Since we updated the application code, we need to build a new image and deploy it to Kubernetes:

$ ./mvnw clean spring-boot:build-image -Dspring-boot.build-image.imageName=spring-k8s/gs-spring-boot-k8s

$ docker tag spring-k8s/gs-spring-boot-k8s:latest spring-k8s/gs-spring-boot-k8s:snapshot

$ kind load docker-image spring-k8s/gs-spring-boot-k8s:snapshot

An easy way to deploy the new image is to delete the application pod. Kubernetes automatically creates another pod with the new image we just loaded into the cluster.

$ kubectl delete pod --selector app=gs-spring-boot-k8s

Once the new pod is up and running, you can port forward requests to the service:

$ kubectl port-forward svc/gs-spring-boot-k8s 9090:80

Now, if you make a request to the service, you should see which pod of the name-service the request was sent to:

$ curl http://localhost:9090; echo

Hello Paul from k8s-workshop-name-service-56b986b664-wjcr9

Verifying load balancing can be a bit more challenging. You can continually make the same cURL request and watch to see if the pod ID changes.

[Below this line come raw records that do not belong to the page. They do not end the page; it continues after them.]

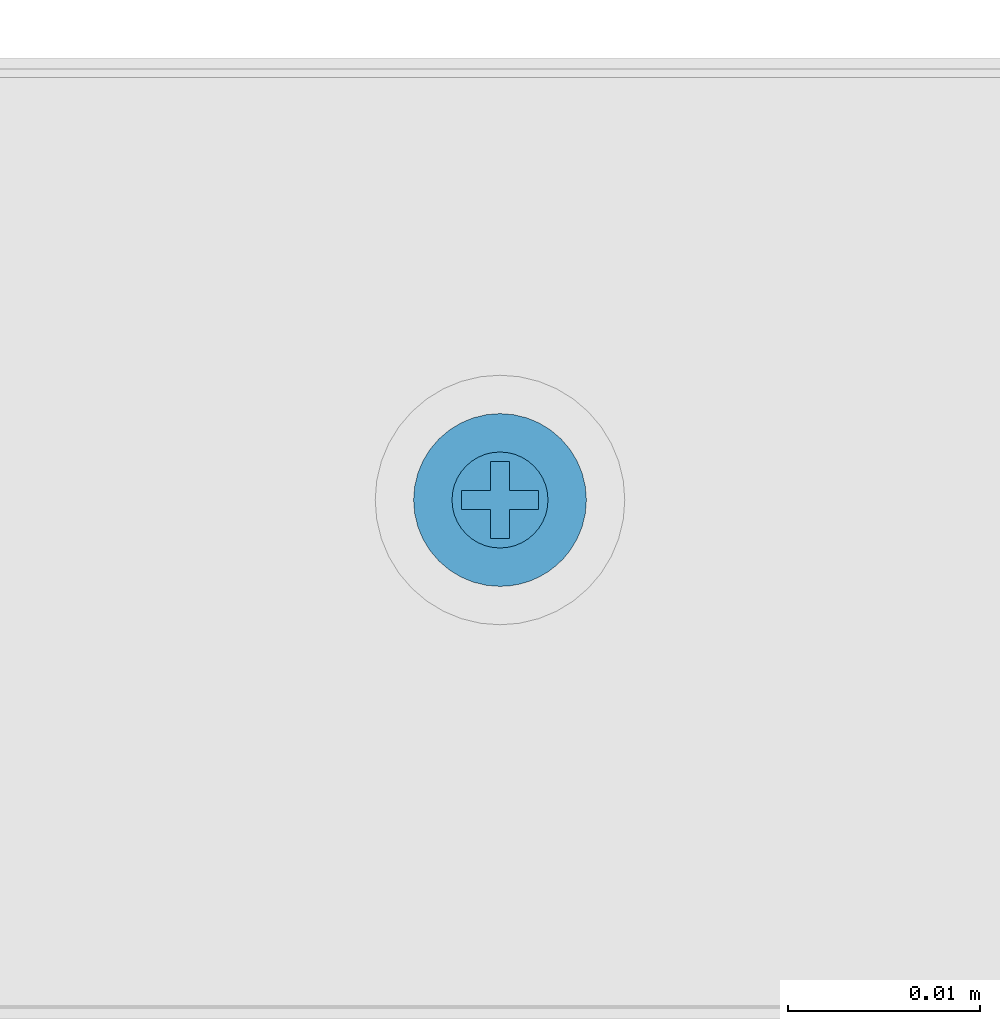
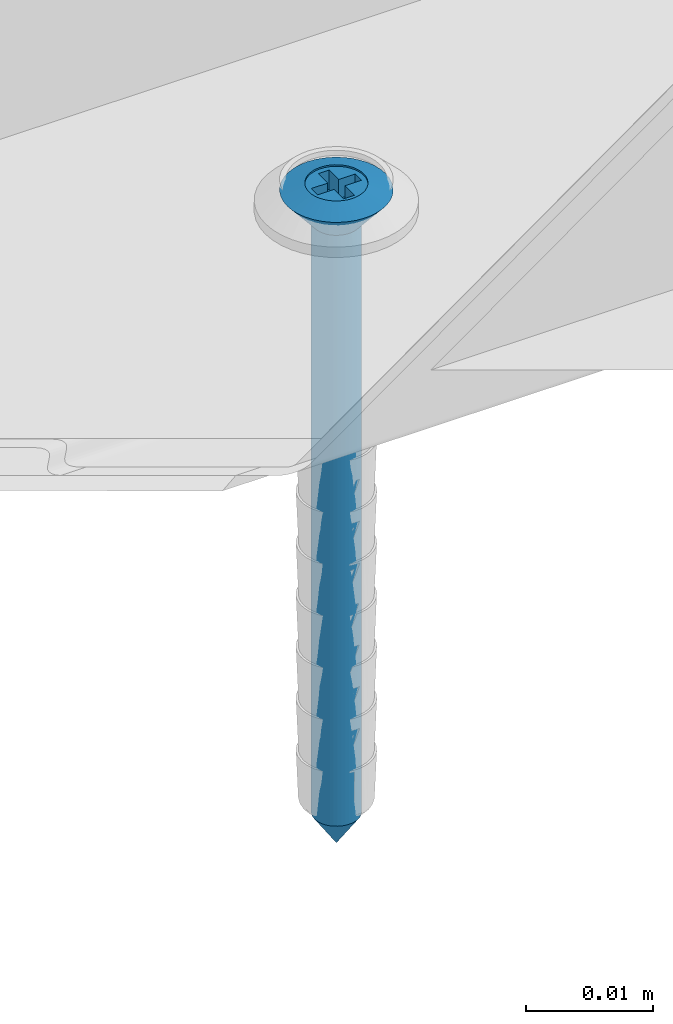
# One storey, part 21 of 43: 1 wall.
"""IFC2X3 building model written with IfcOpenShell, lengths in millimetres."""

from ifc_helpers import new_model, entity, si_unit, converted_unit, direction, frame, origin, origin_with_axes, place, context, project, spatial, faceted_brep, element, save


model = new_model("IFC2X3")

# Units and contexts
model_context = context("Model", 3, precision=1e-05, world=origin(), true_north=direction((0.0, 1.0, 0.0)))
ifc_project = project(units=[si_unit("LENGTHUNIT", "METRE", prefix="MILLI"), si_unit("AREAUNIT", "SQUARE_METRE"), si_unit("VOLUMEUNIT", "CUBIC_METRE"), converted_unit("PLANEANGLEUNIT", "DEGREE", entity("IfcPlaneAngleMeasure", 0.01745), si_unit("PLANEANGLEUNIT", "RADIAN"), dimensions=[0, 0, 0, 0, 0, 0, 0]), si_unit("SOLIDANGLEUNIT", "STERADIAN"), si_unit("MASSUNIT", "GRAM"), si_unit("TIMEUNIT", "SECOND"), si_unit("THERMODYNAMICTEMPERATUREUNIT", "DEGREE_CELSIUS"), si_unit("LUMINOUSINTENSITYUNIT", "LUMEN")], contexts=[model_context])

# Site, building, storey
site_placement = place(None, origin_with_axes())
site = spatial("IfcSite", under=ifc_project, at=site_placement, Name="Default Site", CompositionType="ELEMENT")
building_placement = place(site_placement, origin_with_axes())
building = spatial("IfcBuilding", under=site, at=building_placement, Name="Default Building", CompositionType="ELEMENT")
storey_placement = place(building_placement, origin_with_axes())
storey = spatial("IfcBuildingStorey", under=building, at=storey_placement, Name="Default Building Storey", CompositionType="ELEMENT", Elevation=0.0)

# Wall
wall_placement = place(storey_placement, frame((1642.270412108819, 5447.424146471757, 8.248997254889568), z_axis=(-7.620176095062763e-14, -6.858158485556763e-13, 1.0), x_axis=(-1.0, -9.714451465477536e-17, -7.620176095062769e-14)))
element("IfcWall", 1, at=wall_placement, inside=storey, Name="Kołek rozporowy min. fi 6", context=model_context, shape_type="Brep", body=[
    faceted_brep([(-1438.31414949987, 3453.283223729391, -0.4642567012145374), (-1435.814149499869, 3453.283223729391, -3.464256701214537), (-1435.78952618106, 3452.97035479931, -3.464256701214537), (-1438.258747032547, 3452.57926863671, -0.4642567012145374), (-1435.71626253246, 3452.665189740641, -3.464256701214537), (-1438.093903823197, 3451.892647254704, -0.4642567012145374), (-1435.596162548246, 3452.375242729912, -3.464256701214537), (-1437.823678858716, 3451.240266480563, -0.4642567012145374), (-1435.432183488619, 3452.107653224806, -3.464256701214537), (-1437.454725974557, 3450.638190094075, -0.4642567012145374), (-1435.228363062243, 3451.869010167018, -3.464256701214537), (-1436.996130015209, 3450.101243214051, -0.4642567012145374), (-1434.989720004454, 3451.665189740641, -3.464256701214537), (-1436.459183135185, 3449.642647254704, -0.4642567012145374), (-1434.722130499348, 3451.501210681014, -3.464256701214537), (-1435.857106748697, 3449.273694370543, -0.4642567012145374), (-1434.432183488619, 3451.381110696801, -3.464256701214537), (-1435.204725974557, 3449.003469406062, -0.4642567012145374), (-1434.12701842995, 3451.307847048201, -3.464256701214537), (-1434.51810459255, 3448.838626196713, -0.4642567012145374), (-1433.814149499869, 3451.283223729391, -3.464256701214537), (-1433.814149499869, 3448.783223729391, -0.4642567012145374), (-1433.501280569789, 3451.307847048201, -3.464256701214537), (-1433.110194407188, 3448.838626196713, -0.4642567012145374), (-1433.19611551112, 3451.381110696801, -3.464256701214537), (-1432.423573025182, 3449.003469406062, -0.4642567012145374), (-1432.906168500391, 3451.501210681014, -3.464256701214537), (-1431.771192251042, 3449.273694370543, -0.4642567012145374), (-1432.638578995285, 3451.665189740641, -3.464256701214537), (-1431.169115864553, 3449.642647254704, -0.4642567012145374), (-1432.399935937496, 3451.869010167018, -3.464256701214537), (-1430.63216898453, 3450.101243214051, -0.4642567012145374), (-1432.196115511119, 3452.107653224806, -3.464256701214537), (-1430.173573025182, 3450.638190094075, -0.4642567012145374), (-1432.032136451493, 3452.375242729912, -3.464256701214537), (-1429.804620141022, 3451.240266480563, -0.4642567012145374), (-1431.912036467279, 3452.665189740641, -3.464256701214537), (-1429.534395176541, 3451.892647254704, -0.4642567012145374), (-1431.838772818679, 3453.596092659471, -3.464256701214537), (-1429.369551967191, 3453.987178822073, -0.4642567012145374), (-1429.314149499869, 3453.283223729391, -0.4642567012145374), (-1431.81414949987, 3453.283223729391, -3.464256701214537), (-1429.369551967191, 3452.57926863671, -0.4642567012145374), (-1431.838772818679, 3452.97035479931, -3.464256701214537), (-1431.912036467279, 3453.901257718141, -3.464256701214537), (-1429.534395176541, 3454.673800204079, -0.4642567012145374), (-1432.032136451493, 3454.19120472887, -3.464256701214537), (-1429.804620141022, 3455.326180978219, -0.4642567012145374), (-1432.196115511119, 3454.458794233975, -3.464256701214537), (-1430.173573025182, 3455.928257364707, -0.4642567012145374), (-1432.399935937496, 3454.697437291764, -3.464256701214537), (-1430.63216898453, 3456.465204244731, -0.4642567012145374), (-1432.638578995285, 3454.901257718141, -3.464256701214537), (-1431.169115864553, 3456.923800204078, -0.4642567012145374), (-1432.906168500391, 3455.065236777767, -3.464256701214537), (-1431.771192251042, 3457.292753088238, -0.4642567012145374), (-1433.19611551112, 3455.185336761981, -3.464256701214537), (-1432.423573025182, 3457.562978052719, -0.4642567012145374), (-1433.501280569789, 3455.258600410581, -3.464256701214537), (-1433.110194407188, 3457.727821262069, -0.4642567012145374), (-1433.814149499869, 3455.283223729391, -3.464256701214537), (-1433.814149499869, 3457.783223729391, -0.4642567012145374), (-1434.34306778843, 3457.752031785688, -0.4642567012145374), (-1434.12701842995, 3455.258600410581, -3.464256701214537), (-1434.432183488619, 3455.185336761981, -3.464256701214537), (-1434.864653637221, 3457.658888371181, -0.4642567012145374), (-1435.371676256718, 3457.505084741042, -0.4642567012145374), (-1434.722130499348, 3455.065236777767, -3.464256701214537), (-1435.857106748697, 3457.292753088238, -0.4642567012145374), (-1434.989720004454, 3454.901257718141, -3.464256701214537), (-1435.228363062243, 3454.697437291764, -3.464256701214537), (-1436.314215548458, 3457.024836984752, -0.4642567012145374), (-1436.736665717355, 3456.705050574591, -0.4642567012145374), (-1437.11860079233, 3456.337827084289, -0.4642567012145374), (-1437.454725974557, 3455.928257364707, -0.4642567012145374), (-1435.432183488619, 3454.458794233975, -3.464256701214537), (-1435.596162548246, 3454.19120472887, -3.464256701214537), (-1437.823678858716, 3455.326180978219, -0.4642567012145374), (-1435.71626253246, 3453.901257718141, -3.464256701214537), (-1438.093903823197, 3454.673800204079, -0.4642567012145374), (-1435.78952618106, 3453.596092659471, -3.464256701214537), (-1438.258747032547, 3453.987178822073, -0.4642567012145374), (-1434.205235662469, 3455.752444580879, 0.2007375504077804), (-1433.814149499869, 3455.78322372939, 0.2007375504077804), (-1434.586691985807, 3455.660865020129, 0.2007375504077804), (-1434.949125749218, 3455.510740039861, 0.2007375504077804), (-1435.283612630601, 3455.305766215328, 0.2007375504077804), (-1435.581916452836, 3455.050990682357, 0.2007375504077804), (-1435.836691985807, 3454.752686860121, 0.2007375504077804), (-1436.04166581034, 3454.41819997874, 0.2007375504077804), (-1436.191790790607, 3454.055766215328, 0.2007375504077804), (-1436.283370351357, 3453.674309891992, 0.2007375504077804), (-1436.314149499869, 3453.283223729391, 0.2007375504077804), (-1436.283370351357, 3452.892137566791, 0.2007375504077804), (-1436.191790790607, 3452.510681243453, 0.2007375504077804), (-1436.04166581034, 3452.148247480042, 0.2007375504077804), (-1435.836691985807, 3451.81376059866, 0.200737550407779), (-1435.581916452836, 3451.515456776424, 0.2007375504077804), (-1435.283612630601, 3451.260681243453, 0.2007375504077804), (-1434.949125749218, 3451.05570741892, 0.2007375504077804), (-1434.586691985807, 3450.905582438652, 0.2007375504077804), (-1433.423063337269, 3450.814002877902, 0.2007375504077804), (-1433.814149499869, 3450.783223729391, 0.2007375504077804), (-1434.205235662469, 3450.814002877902, 0.2007375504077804), (-1433.041607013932, 3450.905582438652, 0.2007375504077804), (-1432.67917325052, 3451.05570741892, 0.2007375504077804), (-1432.344686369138, 3451.260681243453, 0.2007375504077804), (-1432.046382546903, 3451.515456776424, 0.2007375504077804), (-1431.791607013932, 3451.81376059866, 0.2007375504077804), (-1431.586633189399, 3452.148247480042, 0.2007375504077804), (-1431.436508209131, 3452.510681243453, 0.2007375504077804), (-1431.344928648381, 3452.892137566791, 0.2007375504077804), (-1431.314149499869, 3453.283223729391, 0.2007375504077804), (-1431.344928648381, 3453.674309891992, 0.2007375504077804), (-1431.436508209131, 3454.055766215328, 0.2007375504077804), (-1431.586633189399, 3454.41819997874, 0.2007375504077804), (-1431.791607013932, 3454.752686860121, 0.2007375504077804), (-1432.046382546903, 3455.050990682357, 0.2007375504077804), (-1432.344686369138, 3455.305766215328, 0.2007375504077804), (-1432.67917325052, 3455.510740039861, 0.2007375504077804), (-1433.041607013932, 3455.660865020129, 0.2007375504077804), (-1433.423063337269, 3455.752444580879, 0.2007375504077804), (-1433.814149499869, 3453.283223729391, -63.46425670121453), (-1435.789526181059, 3452.97035479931, -60.46425670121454), (-1435.814149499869, 3453.283223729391, -60.46425670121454), (-1435.716262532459, 3452.665189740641, -60.46425670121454), (-1435.596162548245, 3452.375242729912, -60.46425670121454), (-1435.432183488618, 3452.107653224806, -60.46425670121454), (-1435.228363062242, 3451.869010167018, -60.46425670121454), (-1434.989720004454, 3451.665189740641, -60.46425670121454), (-1434.722130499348, 3451.501210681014, -60.46425670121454), (-1434.432183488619, 3451.381110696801, -60.46425670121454), (-1434.127018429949, 3451.307847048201, -60.46425670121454), (-1433.814149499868, 3451.283223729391, -60.46425670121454), (-1433.501280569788, 3451.307847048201, -60.46425670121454), (-1433.196115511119, 3451.381110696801, -60.46425670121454), (-1432.90616850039, 3451.501210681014, -60.46425670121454), (-1432.638578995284, 3451.665189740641, -60.46425670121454), (-1432.399935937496, 3451.869010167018, -60.46425670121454), (-1432.196115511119, 3452.107653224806, -60.46425670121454), (-1432.032136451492, 3452.375242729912, -60.46425670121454), (-1431.912036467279, 3452.665189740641, -60.46425670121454), (-1431.838772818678, 3452.97035479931, -60.46425670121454), (-1431.814149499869, 3453.283223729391, -60.46425670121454), (-1431.838772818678, 3453.596092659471, -60.46425670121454), (-1431.912036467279, 3453.901257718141, -60.46425670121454), (-1432.032136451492, 3454.19120472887, -60.46425670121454), (-1432.196115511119, 3454.458794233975, -60.46425670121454), (-1432.399935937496, 3454.697437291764, -60.46425670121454), (-1432.638578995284, 3454.901257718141, -60.46425670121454), (-1432.90616850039, 3455.065236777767, -60.46425670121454), (-1433.196115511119, 3455.185336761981, -60.46425670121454), (-1433.501280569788, 3455.258600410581, -60.46425670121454), (-1433.814149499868, 3455.283223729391, -60.46425670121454), (-1434.127018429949, 3455.258600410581, -60.46425670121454), (-1434.432183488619, 3455.185336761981, -60.46425670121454), (-1434.722130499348, 3455.065236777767, -60.46425670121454), (-1434.989720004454, 3454.901257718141, -60.46425670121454), (-1435.228363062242, 3454.697437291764, -60.46425670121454), (-1435.432183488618, 3454.458794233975, -60.46425670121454), (-1435.596162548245, 3454.19120472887, -60.46425670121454), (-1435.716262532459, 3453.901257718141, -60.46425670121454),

A tool such as watch can be quite useful for this:

$ watch -n 1 curl http://localhost:9090

The watch command makes the cURL request every second. The downside is that you have to watch your terminal and wait. Eventually, though, you should notice the pod ID change.

A quicker way to see things switch is to run the watch command and then delete the pod that is currently servicing requests:

$ kubectl delete pod k8s-workshop-name-service-56b986b664-wjcr9

When you do this, you should immediately notice the pod ID change in the watch command.

Getting a Spring Boot application running on Kubernetes requires nothing more than a visit to start.spring.io. The goal of Spring Boot has always been to make building and running Java applications as easy as possible, and we try to enable that, no matter how you choose to run your application. Building cloud-native applications with Kubernetes involves nothing more than creating an image that uses Spring Boot’s built-in image builder and taking advantage of the capabilities of the Kubernetes platform. In part two of our look at Spring Boot and Kubernetes, we will look at how Spring Cloud fits into this story.